(Records from a data collection)

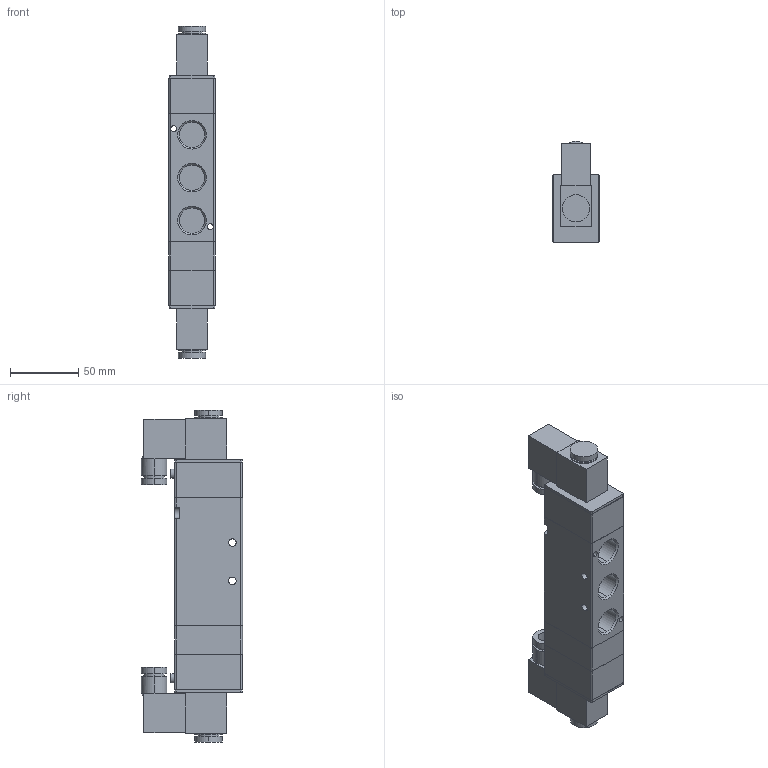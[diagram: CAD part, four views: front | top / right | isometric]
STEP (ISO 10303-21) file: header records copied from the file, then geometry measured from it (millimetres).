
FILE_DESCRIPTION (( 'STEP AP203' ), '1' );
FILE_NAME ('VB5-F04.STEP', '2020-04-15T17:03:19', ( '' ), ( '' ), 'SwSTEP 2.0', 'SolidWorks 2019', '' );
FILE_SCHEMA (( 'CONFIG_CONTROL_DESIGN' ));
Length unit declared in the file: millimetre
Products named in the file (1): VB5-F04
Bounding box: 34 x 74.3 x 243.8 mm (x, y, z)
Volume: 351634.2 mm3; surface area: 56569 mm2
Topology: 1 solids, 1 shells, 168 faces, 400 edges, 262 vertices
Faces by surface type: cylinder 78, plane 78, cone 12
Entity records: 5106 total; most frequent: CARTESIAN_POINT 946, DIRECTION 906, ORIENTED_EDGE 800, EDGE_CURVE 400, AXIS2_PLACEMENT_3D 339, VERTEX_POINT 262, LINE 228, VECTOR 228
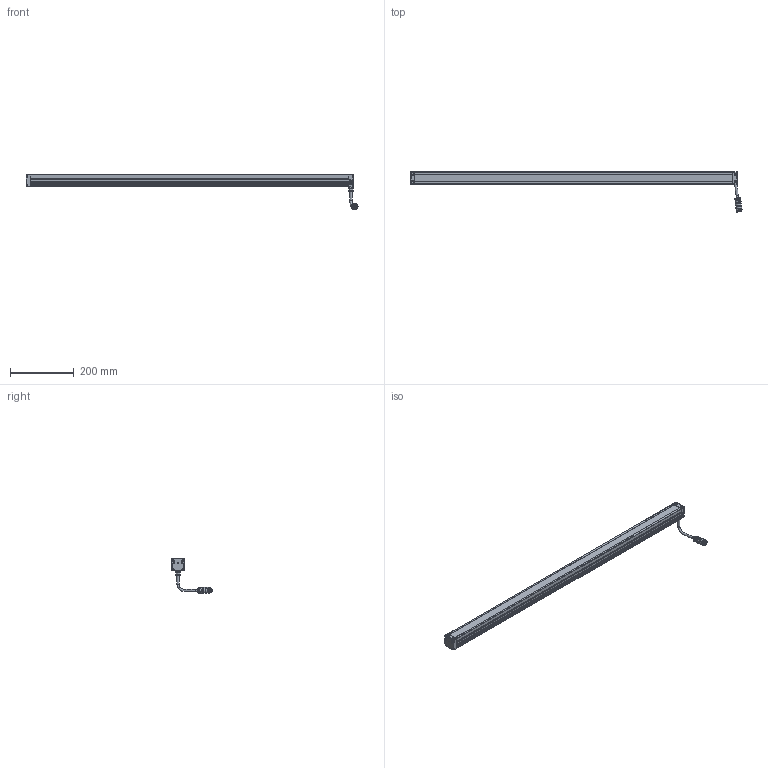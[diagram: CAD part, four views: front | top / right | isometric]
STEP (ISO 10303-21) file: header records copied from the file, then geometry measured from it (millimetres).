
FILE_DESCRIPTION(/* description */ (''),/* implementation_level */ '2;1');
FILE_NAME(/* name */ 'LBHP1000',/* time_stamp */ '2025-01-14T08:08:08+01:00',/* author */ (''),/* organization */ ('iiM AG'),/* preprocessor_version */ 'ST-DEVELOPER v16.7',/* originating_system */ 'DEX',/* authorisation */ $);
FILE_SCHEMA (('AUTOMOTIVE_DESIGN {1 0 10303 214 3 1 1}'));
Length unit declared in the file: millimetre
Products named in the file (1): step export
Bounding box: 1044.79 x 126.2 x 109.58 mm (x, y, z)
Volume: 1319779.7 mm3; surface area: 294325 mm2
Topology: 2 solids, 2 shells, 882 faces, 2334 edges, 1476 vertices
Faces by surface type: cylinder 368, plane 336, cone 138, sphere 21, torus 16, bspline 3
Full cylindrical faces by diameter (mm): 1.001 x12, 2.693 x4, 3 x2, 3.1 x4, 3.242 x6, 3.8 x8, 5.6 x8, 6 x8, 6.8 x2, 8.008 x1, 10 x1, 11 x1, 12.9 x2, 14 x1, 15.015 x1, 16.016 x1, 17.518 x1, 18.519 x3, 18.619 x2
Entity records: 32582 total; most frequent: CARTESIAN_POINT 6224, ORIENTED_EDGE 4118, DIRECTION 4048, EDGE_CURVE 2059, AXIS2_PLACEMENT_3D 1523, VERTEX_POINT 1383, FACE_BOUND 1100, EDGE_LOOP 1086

▶ What is needed
Please retype every entry above exactly, leaving out any picture.

▶ Written response
[diagram: CAD part, four views: front | top / right | isometric]
STEP (ISO 10303-21) file: header records copied from the file, then geometry measured from it (millimetres).
FILE_DESCRIPTION (( 'STEP AP203' ), '1' );
FILE_NAME ('VB5-F04.STEP', '2020-04-15T17:03:19', ( '' ), ( '' ), 'SwSTEP 2.0', 'SolidWorks 2019', '' );
FILE_SCHEMA (( 'CONFIG_CONTROL_DESIGN' ));
Length unit declared in the file: millimetre
Products named in the file (1): VB5-F04
Bounding box: 34 x 74.3 x 243.8 mm (x, y, z)
Volume: 351634.2 mm3; surface area: 56569 mm2
Topology: 1 solids, 1 shells, 168 faces, 400 edges, 262 vertices
Faces by surface type: cylinder 78, plane 78, cone 12
Entity records: 5106 total; most frequent: CARTESIAN_POINT 946, DIRECTION 906, ORIENTED_EDGE 800, EDGE_CURVE 400, AXIS2_PLACEMENT_3D 339, VERTEX_POINT 262, LINE 228, VECTOR 228
[diagram: CAD part, four views: front | top / right | isometric]
STEP (ISO 10303-21) file: header records copied from the file, then geometry measured from it (millimetres).
FILE_DESCRIPTION(/* description */ (''),/* implementation_level */ '2;1');
FILE_NAME(/* name */ 'LBHP1000',/* time_stamp */ '2025-01-14T08:08:08+01:00',/* author */ (''),/* organization */ ('iiM AG'),/* preprocessor_version */ 'ST-DEVELOPER v16.7',/* originating_system */ 'DEX',/* authorisation */ $);
FILE_SCHEMA (('AUTOMOTIVE_DESIGN {1 0 10303 214 3 1 1}'));
Length unit declared in the file: millimetre
Products named in the file (1): step export
Bounding box: 1044.79 x 126.2 x 109.58 mm (x, y, z)
Volume: 1319779.7 mm3; surface area: 294325 mm2
Topology: 2 solids, 2 shells, 882 faces, 2334 edges, 1476 vertices
Faces by surface type: cylinder 368, plane 336, cone 138, sphere 21, torus 16, bspline 3
Full cylindrical faces by diameter (mm): 1.001 x12, 2.693 x4, 3 x2, 3.1 x4, 3.242 x6, 3.8 x8, 5.6 x8, 6 x8, 6.8 x2, 8.008 x1, 10 x1, 11 x1, 12.9 x2, 14 x1, 15.015 x1, 16.016 x1, 17.518 x1, 18.519 x3, 18.619 x2
Entity records: 32582 total; most frequent: CARTESIAN_POINT 6224, ORIENTED_EDGE 4118, DIRECTION 4048, EDGE_CURVE 2059, AXIS2_PLACEMENT_3D 1523, VERTEX_POINT 1383, FACE_BOUND 1100, EDGE_LOOP 1086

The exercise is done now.